3.3. Current Trials in the Perioperative Immunotherapy Arena

Multiple trials are ongoing in the adjuvant ICI space. At the 2025 European Society for Medical Oncology (ESMO) Annual Meeting, the RAMPART trial was first presented. RAMPART is a phase 3, open-label, multi-arm trial of adjuvant durvalumab monotherapy or in combination with tremelimumab for resected RCC. A total of 750 patients that were post-nephrectomy were randomized in a 3:2:2 ratio to active monitoring vs. durvalumab 1500 mg every four weeks for one year vs. durvalumab 1500 mg every four weeks for one year plus tremelimumab 75 mg for two doses (at day 1 and day 28). The primary endpoint was disease-free survival (DFS). A unique aspect of the trial was that the Leibovich scoring system was used to assess risk of recurrence. The results of the durvalumab monotherapy arm were not available at the time of the presentation. However, preliminary results show that at a median follow up of 36 months, durvalumab–tremelimumab improved DFS compared to active monitoring (HR 0.65, 95% CI 0.45–0.93, p = 0.009) in the overall intention-to-treat population. Moreover, what was arguably more significant was that upon closer examination of the data in a pre-specified, pre-powered subgroup analysis, the HR for DFS was even lower in the high-risk population (HR 0.52, 95% CI 0.34–0.80, p = 0.002). In contrast, there was no significant benefit in DFS for the intermediate-risk population (HR 1.19, 95% CI 0.61–2.32, p = 0.31) [26].

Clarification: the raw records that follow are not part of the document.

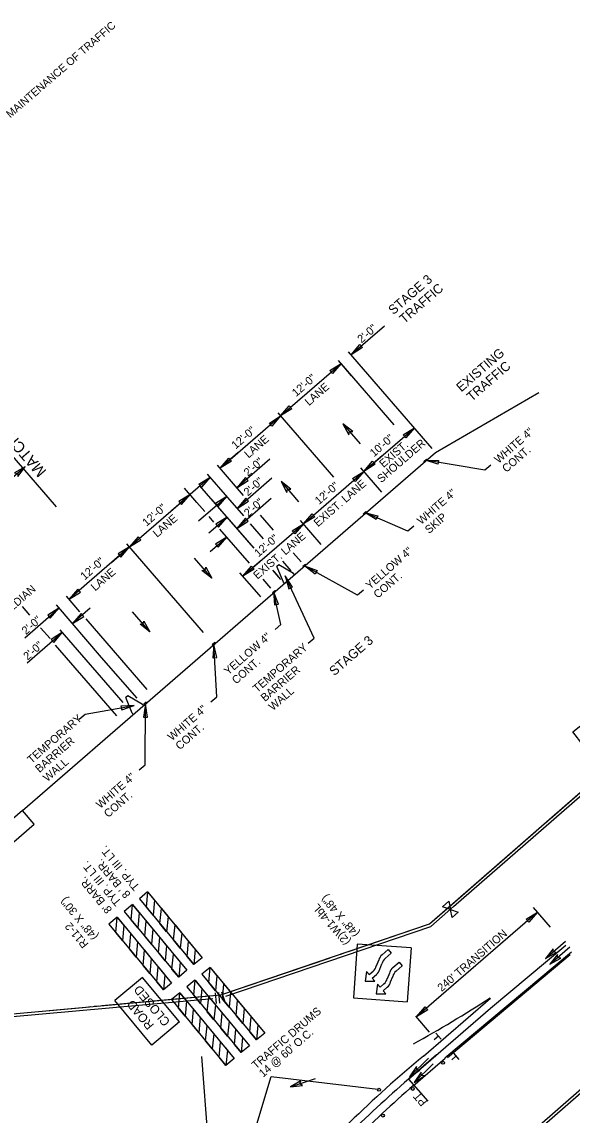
# Model space of a CAD drawing. Extents: x 259983 to 267998, y 211467 to 219827.
# Drawn here: x 265064 to 265890, y 214746 to 216385 of the extents above; entities that cross this region are included whole.
import ezdxf

# ---------------------------------------------------------------- set-up
doc = ezdxf.new("R2010")
doc.units = 0
for name, color, linetype in [('1', 7, 'Continuous'), ('Default', 7, 'Continuous'), ('Level 1', 7, 'Continuous'), ('Level 24', 7, 'Continuous'), ('Level 43', 7, 'Continuous'), ('Level 58', 7, 'Continuous'), ('R-W - CofA', 7, 'Continuous'), ('R_MOT', 7, 'Continuous'), ('R_MOT STAGE 1', 7, 'Continuous'), ('R_MOT STAGE 2', 7, 'Continuous'), ('ROAD', 7, 'Continuous'), ('STATIONING1', 7, 'Continuous')]:
    doc.layers.add(name, color=color, linetype=linetype)

msp = doc.modelspace()

# ---------------------------------------------------------------- linework, layer by layer
at = {"layer": '1'}
for p, q in [((265608.3, 215928.7), (265558.6, 215885.7)), ((265680, 215745.4), (265554.6, 215890.2)), ((265452.7, 215794), (265543.4, 215872.6)), ((265559.2, 215854.3), (265539.5, 215877.1)), ((265623.1, 215780.6), (265543.4, 215872.6)), ((265532.3, 215702.1), (265448.8, 215798.6)), ((265362, 215715.5), (265452.7, 215794)), ((265577.7, 215710.8), (265653.3, 215776.3)), ((265389.2, 215739.1), (265362, 215715.5)), ((265604.9, 215734.4), (265577.7, 215710.8)), ((265397.2, 215674.8), (265358.1, 215720)), ((265436.7, 215729.3), (265387.2, 215686.4)), ((265604.4, 215679.9), (265573.2, 215716)), ((265759.2, 215712.6), (265669.8, 215727.7)), ((265768, 215720.2), (265759.2, 215712.6)), ((265346.9, 215702.4), (265302.2, 215663.8)), ((265373.5, 215671.7), (265342.9, 215706.9)), ((265439.6, 215700.6), (265387.5, 215655.5)), ((265486.9, 215632.3), (265577.7, 215710.8)), ((265327.1, 215664.1), (265308.4, 215685.7)), ((265411.9, 215596.8), (265331.7, 215689.3)), ((265226, 215597.7), (265316.7, 215676.3)), ((265289.5, 215652.7), (265316.7, 215676.3)), ((265329.7, 215636.7), (265372, 215673.3)), ((265353.9, 215663.7), (265349.6, 215668.7)), ((265397.3, 215644.1), (265373.5, 215671.7)), ((265438.7, 215670.1), (265387.1, 215625.4)), ((265338.8, 215650.6), (265327.1, 215664.1)), ((265382.8, 215630.3), (265361, 215655.5)), ((265345.2, 215618.8), (265372.4, 215642.4)), ((265352.4, 215634.9), (265345.3, 215643.1)), ((265442.1, 215623), (265422.7, 215645.4)), ((265513.7, 215601.4), (265482.5, 215637.4)), ((265643.6, 215621.1), (265579.1, 215649.1)), ((265405.8, 215573.2), (265361.7, 215624.2)), ((265412.9, 215595.6), (265382.8, 215630.3)), ((265396.2, 215553.7), (265486.9, 215632.3)), ((265427, 215609.9), (265407.6, 215632.3)), ((265652.4, 215628.8), (265643.6, 215621.1)), ((265336.9, 215469.6), (265222, 215602.3)), ((265347.1, 215590.8), (265372, 215612.3)), ((265226, 215597.8), (265135.3, 215519.2)), ((265198.8, 215574.2), (265226, 215597.8)), ((265483.4, 215575.2), (265471.7, 215588.8)), ((265423.4, 215577.3), (265396.2, 215553.7)), ((265468.3, 215562.1), (265456.2, 215576.1)), ((265567.9, 215525.3), (265488.7, 215569.2)), ((265420.3, 215526), (265391.7, 215558.9)), ((265453.2, 215549), (265441.1, 215563)), ((265448.9, 215554), (265442.9, 215561)), ((265503, 215461), (265459.7, 215554.3)), ((265438.1, 215536), (265426.3, 215549.6)), ((265151.6, 215500.3), (265131.3, 215523.7)), ((265422.9, 215522.9), (265420.3, 215526)), ((265453.2, 215481.6), (265442.2, 215530.7)), ((265576.8, 215533), (265567.9, 215525.3)), ((265076.2, 215495.5), (265065.2, 215508.2)), ((265068.7, 215461.6), (265120.1, 215506.1)), ((265184.1, 215432.2), (265116.2, 215510.7)), ((265167, 215506), (265140.3, 215482.8)), ((265252.4, 215383.9), (265160.8, 215489.7)), ((265072.5, 215424.1), (265125.2, 215469.7)), ((265106.7, 215460.3), (265092.6, 215476.6)), ((265216.4, 215364.4), (265122, 215473.4)), ((265444.4, 215473.9), (265453.2, 215481.6)), ((265494.1, 215453.3), (265503, 215461)), ((265206.9, 215344.5), (265115.1, 215450.6)), ((265357, 215373.1), (265352.7, 215451.4)), ((265237.3, 215370.8), (265184.1, 215432.2)), ((265348.2, 215365.4), (265357, 215373.1)), ((265159.2, 215347.2), (265233.1, 215360)), ((265249.3, 215271.1), (265249.9, 215362.4)), ((265150.4, 215339.5), (265159.2, 215347.2)), ((265240.4, 215263.4), (265249.3, 215271.1))]:
    msp.add_line(p, q, dxfattribs=at)
for points in [[(265575.5, 215896.4), (265558.6, 215885.7), (265571.6, 215900.9)], [(265526.5, 215861.9), (265543.4, 215872.6), (265530.4, 215857.4)], [(265469.6, 215804.7), (265452.7, 215794), (265465.7, 215809.3)], [(265435.8, 215783.3), (265452.7, 215794), (265439.7, 215778.8)], [(265636.3, 215765.6), (265653.3, 215776.3), (265640.3, 215761)], [(265378.9, 215726.2), (265362, 215715.5), (265375, 215730.7)], [(265594.6, 215721.5), (265577.7, 215710.8), (265590.7, 215726)], [(265688.8, 215721.5), (265669.8, 215727.7), (265689.8, 215727.4)], [(265329.9, 215691.7), (265346.9, 215702.4), (265333.9, 215687.2)], [(265400.2, 215701.6), (265387.2, 215686.4), (265404.1, 215697.1)], [(265560.7, 215700.1), (265577.7, 215710.8), (265564.7, 215695.6)], [(265303.7, 215661.1), (265316.7, 215676.3), (265299.8, 215665.6)], [(265303.7, 215661.1), (265316.7, 215676.3), (265299.8, 215665.6)], [(265359, 215658.1), (265372, 215673.3), (265355.1, 215662.6)], [(265400.5, 215670.7), (265387.5, 215655.5), (265404.4, 215666.2)], [(265359.4, 215627.2), (265372.4, 215642.4), (265355.4, 215631.7)], [(265400.1, 215640.6), (265387.1, 215625.4), (265404, 215636.1)], [(265503.9, 215643), (265486.9, 215632.3), (265499.9, 215647.5)], [(265596.2, 215638.7), (265579.1, 215649.1), (265598.5, 215644.2)], [(265470, 215621.6), (265486.9, 215632.3), (265473.9, 215617.1)], [(265239, 215613), (265226, 215597.8), (265242.9, 215608.4)], [(265359, 215597.1), (265372, 215612.3), (265355, 215601.6)], [(265213, 215582.5), (265226, 215597.8), (265209, 215587.1)], [(265413.1, 215564.4), (265396.2, 215553.7), (265409.2, 215569)], [(265504.5, 215557), (265488.7, 215569.2), (265507.4, 215562.2)], [(265470.7, 215537.5), (265459.7, 215554.3), (265465.2, 215535)], [(265148.3, 215534.4), (265135.3, 215519.2), (265152.2, 215529.9)], [(265449.3, 215511.9), (265442.2, 215530.7), (265443.5, 215510.7)], [(265107.1, 215490.9), (265120.1, 215506.1), (265103.2, 215495.4)], [(265153.3, 215498), (265140.3, 215482.8), (265157.2, 215493.5)], [(265112.2, 215454.5), (265125.2, 215469.7), (265108.2, 215459)], [(265356.8, 215431.8), (265352.7, 215451.4), (265350.8, 215431.5)], [(265214.2, 215353.3), (265233.1, 215360), (265213.1, 215359.2)], [(265252.7, 215342.6), (265249.9, 215362.4), (265246.7, 215342.6)], [(265821, 215039.6), (265838, 215050.3), (265824.9, 215035.1)], [(265673.4, 214903.9), (265656.5, 214893.2), (265669.5, 214908.4)]]:
    msp.add_lwpolyline(points, close=True, dxfattribs=at)
at = {"layer": 'Default'}
for p, q in [((265685.2, 215739.3), (265840.1, 215829.1)), ((265065.3, 215202.6), (265685.2, 215739.3)), ((265449.9, 215570.9), (265447.2, 215568.5)), ((265456.8, 215544.9), (265447.2, 215568.5)), ((265471.9, 215558), (265449.9, 215570.9)), ((265473.6, 215556.1), (265471.9, 215558)), ((265458.4, 215543), (265456.8, 215544.9)), ((265223.2, 215374.6), (265220.4, 215372.2)), ((265230.1, 215348.6), (265220.4, 215372.2)), ((265245.2, 215361.7), (265223.2, 215374.6)), ((265246.8, 215359.8), (265245.2, 215361.7)), ((265231.7, 215346.7), (265230.1, 215348.6))]:
    msp.add_line(p, q, dxfattribs=at)
for points in [[(265667.6, 215725.8), (265671.4, 215729.1), (265672.3, 215728.1), (265668.4, 215724.8)], [(265576.9, 215647.2), (265580.7, 215650.6), (265581.6, 215649.6), (265577.7, 215646.3)], [(265486, 215568.6), (265489.9, 215571.9), (265490.7, 215570.9), (265486.9, 215567.6)], [(265444.2, 215532.3), (265440.3, 215529), (265441.2, 215528), (265445, 215531.4)], [(265353.9, 215454.2), (265350, 215450.8), (265350.9, 215449.8), (265354.7, 215453.2)], [(265251.1, 215365.2), (265247.2, 215361.9), (265248.1, 215360.9), (265251.9, 215364.2)]]:
    msp.add_lwpolyline(points, close=True, dxfattribs=at)
at = {"layer": 'Level 43'}
for points in [[(265546.2, 215782), (265572.2, 215752)], [(265069.6, 215717.7), (265039.6, 215691.7)], [(265453.3, 215695.6), (265479.3, 215665.5)], [(265349.3, 215551), (265323.3, 215581)], [(265256.5, 215470.6), (265230.5, 215500.6)], [(265850.2, 214980.9), (265880.3, 215006.9)], [(265856.8, 214972.2), (265886.8, 214998.2)], [(265646.1, 214803.5), (265674.5, 214831.3)], [(265653.2, 214795.2), (265681.6, 214823)], [(265467.3, 214788.4), (265504.9, 214801.1)]]:
    msp.add_lwpolyline(points, dxfattribs=at)
at = {"layer": 'Level 58'}
for points in [[(265560.8, 215770.8), (265546.2, 215782), (265555.2, 215765.9), (265556, 215770.6)], [(265058.4, 215703.1), (265069.6, 215717.7), (265053.5, 215708.7), (265058.2, 215707.9)], [(265467.9, 215684.4), (265453.3, 215695.6), (265462.2, 215679.5), (265463.1, 215684.2)], [(265340.4, 215567.1), (265349.3, 215551), (265334.7, 215562.2), (265339.5, 215562.4)], [(265247.5, 215486.6), (265256.5, 215470.6), (265241.8, 215481.7), (265246.6, 215481.9)], [(265861.4, 214995.5), (265850.2, 214980.9), (265866.3, 214989.8), (265861.6, 214990.7)], [(265868, 214986.8), (265856.8, 214972.2), (265872.9, 214981.1), (265868.2, 214982)], [(265656.4, 214818.8), (265646.1, 214803.5), (265661.6, 214813.4), (265656.8, 214814)], [(265483.2, 214797.7), (265467.3, 214788.4), (265485.6, 214790.6), (265481.5, 214793.2)], [(265663.4, 214810.5), (265653.2, 214795.2), (265668.7, 214805.1), (265663.9, 214805.7)]]:
    msp.add_lwpolyline(points, close=True, dxfattribs=at)
at = {"layer": 'R-W - CofA'}
for p, q in [((265695.8, 215058.5), (265705.2, 215066.7)), ((265705.2, 215066.7), (265707.6, 215054.5)), ((265707.6, 215054.5), (265695.8, 215058.5)), ((265710, 215042.3), (265707.6, 215054.5)), ((265707.6, 215054.5), (265719.3, 215050.5)), ((265719.3, 215050.5), (265710, 215042.3)), ((265354.4, 214929.3), (265355.9, 214913.6)), ((265359.7, 214929.8), (265361.1, 214914)), ((265364, 214930.7), (265369.1, 214915.7)), ((265050.7, 214898.1), (265362.9, 214926.4))]:
    msp.add_line(p, q, dxfattribs=at)
for points in [[(265362.9, 214926.4), (265676, 215032.6), (265937.7, 215260.6), (265891.1, 215320.8), (266161.5, 215534.1)], [(265712.3, 215058.6), (265943.4, 215260), (265916.6, 215294.8)], [(265857, 215190.3), (265937.7, 215260.6), (265913.1, 215292.3)], [(265622.7, 214398.8), (265711.4, 214612.4), (266239.1, 215072.3), (266415.9, 215240.2)], [(265839.2, 215174.8), (265844, 215179)], [(265848.1, 215182.5), (265852.9, 215186.7)], [(265709.5, 215061.8), (265835.1, 215171.2)], [(265554.4, 214991.3), (265676, 215032.6), (265709.5, 215061.8)], [(265370.5, 214924.5), (265678.1, 215028.8), (265712.3, 215058.6)], [(265369.2, 214928.5), (265527, 214982)], [(265532, 214983.8), (265538.1, 214985.8)], [(265543.2, 214987.5), (265549.3, 214989.6)], [(265837.2, 214727.6), (266105.3, 214961.2)], [(265045.3, 214893.4), (265351, 214921.1)], [(265184.6, 214910.2), (265350.6, 214925.3)], [(265050.7, 214898.1), (265155.8, 214907.6)], [(265161.1, 214908.1), (265167.5, 214908.7)], [(265172.9, 214909.2), (265179.3, 214909.8)], [(265840, 214724.5), (265963.3, 214831.9)]]:
    msp.add_lwpolyline(points, dxfattribs=at)
at = {"layer": 'R_MOT'}
for p, q in [((265253.1, 215080.6), (265240.7, 215070.3)), ((265253.1, 215080.6), (265334.9, 214982)), ((265230.2, 215061.6), (265217.9, 215051.4)), ((265230.2, 215061.6), (265312, 214963.1)), ((265240.7, 215070.3), (265322.5, 214971.8)), ((265217.9, 215051.4), (265299.7, 214952.8)), ((265207.3, 215042.6), (265194.9, 215032.3)), ((265194.9, 215032.3), (265276.7, 214933.8)), ((265207.3, 215042.6), (265289.1, 214944.1)), ((265567.7, 215002.4), (265561.9, 214921.7)), ((265648.5, 214996.7), (265567.7, 215002.4)), ((265604.8, 214986.3), (265613.9, 214994.2)), ((265613.9, 214994.2), (265618.6, 214988.8)), ((265648.5, 214996.7), (265642.7, 214915.9)), ((265334.9, 214982), (265322.5, 214971.8)), ((265596.5, 214969.6), (265599.9, 214978.3)), ((265609.5, 214980.9), (265618.6, 214988.8)), ((265312, 214963.1), (265299.7, 214952.8)), ((265312, 214963.1), (265299.7, 214952.8)), ((265347, 214967.4), (265334.7, 214957.2)), ((265347, 214967.4), (265428.8, 214868.9)), ((265581.7, 214961.3), (265579.5, 214946.9)), ((265581.7, 214961.3), (265585.6, 214956.8)), ((265585.6, 214956.8), (265591.3, 214961.8)), ((265601.3, 214964.7), (265604.6, 214972.9)), ((265621.2, 214967.4), (265630.3, 214975.3)), ((265625.8, 214962), (265634.9, 214969.9)), ((265630.3, 214975.3), (265634.9, 214969.9)), ((265245.5, 214952.5), (265203.7, 214917.8)), ((265301, 214885.7), (265245.5, 214952.5)), ((265324.1, 214948.4), (265311.8, 214938.2)), ((265324.1, 214948.4), (265405.9, 214849.9)), ((265334.7, 214957.2), (265416.5, 214858.7)), ((265579.5, 214946.9), (265594.1, 214947)), ((265590.2, 214951.5), (265596.4, 214956.8)), ((265590.2, 214951.5), (265594.1, 214947)), ((265612.8, 214950.8), (265616.3, 214959.4)), ((265617.7, 214945.9), (265620.9, 214954)), ((265289.1, 214944.1), (265276.7, 214933.8)), ((265301.2, 214929.4), (265288.9, 214919.2)), ((265289, 214944.1), (265289, 214944)), ((265301.2, 214929.4), (265383.1, 214830.9)), ((265311.8, 214938.2), (265393.6, 214839.7)), ((265598, 214942.5), (265595.8, 214928)), ((265598, 214942.5), (265601.9, 214938)), ((265601.9, 214938), (265607.6, 214943)), ((265606.6, 214932.6), (265612.7, 214937.9)), ((265606.6, 214932.6), (265610.4, 214928.1)), ((265259.2, 214851), (265203.7, 214917.8)), ((265288.9, 214919.2), (265370.7, 214820.6)), ((265561.9, 214921.7), (265642.7, 214915.8)), ((265595.8, 214928), (265610.4, 214928.1)), ((265301, 214885.7), (265259.2, 214851)), ((265428.8, 214868.9), (265416.5, 214858.7)), ((265689.7, 214864.5), (265683.3, 214858.9)), ((265685.7, 214869.1), (265693.7, 214859.9)), ((265405.9, 214849.9), (265393.6, 214839.7)), ((265405.9, 214849.9), (265393.6, 214839.7)), ((265383.1, 214830.9), (265370.7, 214820.6)), ((265383, 214831), (265382.9, 214830.8)), ((265715.8, 214834.3), (265709.4, 214828.8)), ((265711.9, 214838.9), (265719.9, 214829.7))]:
    msp.add_line(p, q, dxfattribs=at)
for points in [[(265261.2, 215045.7), (265251.2, 215057.8), (265253.3, 215080.3), (265263.3, 215068.2)], [(265238.3, 215026.7), (265228.3, 215038.8), (265230.4, 215061.3), (265240.4, 215049.3)], [(265281.6, 215021), (265271.6, 215033.2), (265273.7, 215055.7), (265283.7, 215043.6)], [(265215.4, 215007.6), (265205.4, 215019.8), (265207.5, 215042.3), (265217.5, 215030.2)], [(265258.8, 215002.1), (265248.8, 215014.2), (265250.9, 215036.7), (265260.9, 215024.6)], [(265302.1, 214996.4), (265292.1, 215008.6), (265294.2, 215031.1), (265304.2, 215019)], [(265235.9, 214983), (265225.8, 214995.2), (265227.9, 215017.7), (265237.9, 215005.6)], [(265279.2, 214977.4), (265269.2, 214989.6), (265271.3, 215012.1), (265281.3, 215000)], [(265322.5, 214971.8), (265312.5, 214983.9), (265314.6, 215006.5), (265324.6, 214994.4)], [(265256.3, 214958.4), (265246.3, 214970.5), (265248.4, 214993.1), (265258.4, 214981)], [(265299.7, 214952.8), (265289.6, 214965), (265291.7, 214987.5), (265301.8, 214975.4)], [(265276.7, 214933.8), (265266.7, 214945.9), (265268.8, 214968.4), (265278.8, 214956.4)], [(265355.1, 214932.5), (265345.1, 214944.7), (265347.2, 214967.2), (265357.2, 214955.1)], [(265332.3, 214913.5), (265322.3, 214925.7), (265324.4, 214948.2), (265334.4, 214936.1)], [(265309.4, 214894.5), (265299.3, 214906.6), (265301.4, 214929.1), (265311.4, 214917.1)], [(265375.6, 214907.9), (265365.6, 214920), (265367.7, 214942.6), (265377.7, 214930.5)], [(265352.7, 214888.9), (265342.7, 214901.1), (265344.8, 214923.6), (265354.8, 214911.5)], [(265396, 214883.3), (265386, 214895.4), (265388.1, 214917.9), (265398.1, 214905.9)], [(265329.8, 214869.9), (265319.8, 214882), (265321.9, 214904.5), (265331.9, 214892.5)], [(265373.2, 214864.3), (265363.2, 214876.4), (265365.2, 214899), (265375.3, 214886.9)], [(265350.2, 214845.3), (265340.2, 214857.4), (265342.3, 214879.9), (265352.3, 214867.8)], [(265416.5, 214858.7), (265406.5, 214870.8), (265408.5, 214893.3), (265418.6, 214881.2)], [(265393.6, 214839.7), (265383.6, 214851.8), (265385.7, 214874.3), (265395.7, 214862.3)], [(265370.7, 214820.6), (265360.7, 214832.8), (265362.7, 214855.3), (265372.8, 214843.2)]]:
    msp.add_lwpolyline(points, close=True, dxfattribs=at)
for centre, major_axis in [((265616.2, 214972.6), (-11.6, 13.4)), ((265620.9, 214967.2), (-11.6, 13.4)), ((265580, 214975.5), (11.6, -13.4)), ((265585.1, 214970.4), (11.6, -13.4)), ((265632.5, 214953.8), (-11.6, 13.4)), ((265637.2, 214948.3), (-11.6, 13.4)), ((265596.3, 214956.6), (11.6, -13.4)), ((265601.4, 214951.6), (11.6, -13.4))]:
    msp.add_ellipse(centre, major_axis=major_axis, ratio=0.9, start_param=6.26006, end_param=6.849246, dxfattribs=at)
at = {"layer": 'R_MOT STAGE 1'}
for p, q in [((265116.5, 215657.7), (264949.5, 215850.6)), ((265767.6, 214906.4), (265880.4, 215001)), ((265699.1, 214831.8), (265889.1, 214991)), ((265887.3, 214986.1), (265703.1, 214832.2)), ((265666.9, 214834.6), (265767.4, 214921.5)), ((265644.7, 214800), (265767.6, 214906.4)), ((265334, 214834.2), (265354.4, 214563.8)), ((265686.8, 214836.5), (265644.7, 214800)), ((265651.1, 214789.7), (265699.4, 214831.5)), ((265644.7, 214800), (265673.5, 214766.8))]:
    msp.add_line(p, q, dxfattribs=at)
for centre in [(265696.4, 214824.6), (265600.5, 214784.1), (265651, 214785.4), (265606.1, 214745.5)]:
    msp.add_circle(centre, 2.25, dxfattribs=at)
for radius, start in [(1921.9, 129.7094), (1909.9, 130.8833), (1897.9, 130.8833)]:
    msp.add_arc((266894.8, 213356.1), radius, start, 138.5667, dxfattribs=at)
at = {"layer": 'R_MOT STAGE 2'}
for p, q in [((265838, 215050.3), (265656.5, 214893.2)), ((265857.6, 215027.6), (265832, 215057.2)), ((265676.1, 214870.5), (265655.3, 214894.6))]:
    msp.add_line(p, q, dxfattribs=at)
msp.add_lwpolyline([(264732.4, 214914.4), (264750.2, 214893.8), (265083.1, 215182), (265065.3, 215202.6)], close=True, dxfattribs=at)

Although the results of PROSPER were not as previously hoped, multiple trials are also ongoing in the neoadjuvant realm. At the 2025 ESMO Annual Meeting, the NESCIO trial was first presented. NESCIO is a phase 2, randomized, non-comparative, open-label, two-stage trial investigating neoadjuvant immunotherapy in intermediate-to-high risk, histologically confirmed, resectable ccRCC. A total of 42 patients were randomized in a 1:1:1 ratio for two doses of nivolumab (anti-PD-1) 360 mg every 3 weeks vs. two doses of ipilimumab 1 mg/kg plus nivolumab 3 mg/kg every 3 weeks vs. two doses of relatlimab (LAG-3 inhibitor) 360 mg plus nivolumab 360 mg every 3 weeks. The primary endpoint was the pathological response rate, and secondary endpoints were event-free and recurrence-free survival. A near pathologically complete response (near-PCR; 1–10% residual tumor) was seen in 14.3% of patients receiving neoadjuvant ipilimumab–nivolumab. A total of 14.3% of patients receiving relatlimab–nivolumab achieved at least a partial pathological response (pPR; 10–50% residual tumor). Both preceding arms thus met their primary endpoints. At a median 22 months of follow up, patients who attained a response had a recurrence-free survival of 100%. This is despite receiving only two doses of immunotherapy over 6 weeks [27]. Although this is a small phase 2 trial, the reported preliminary results are promising.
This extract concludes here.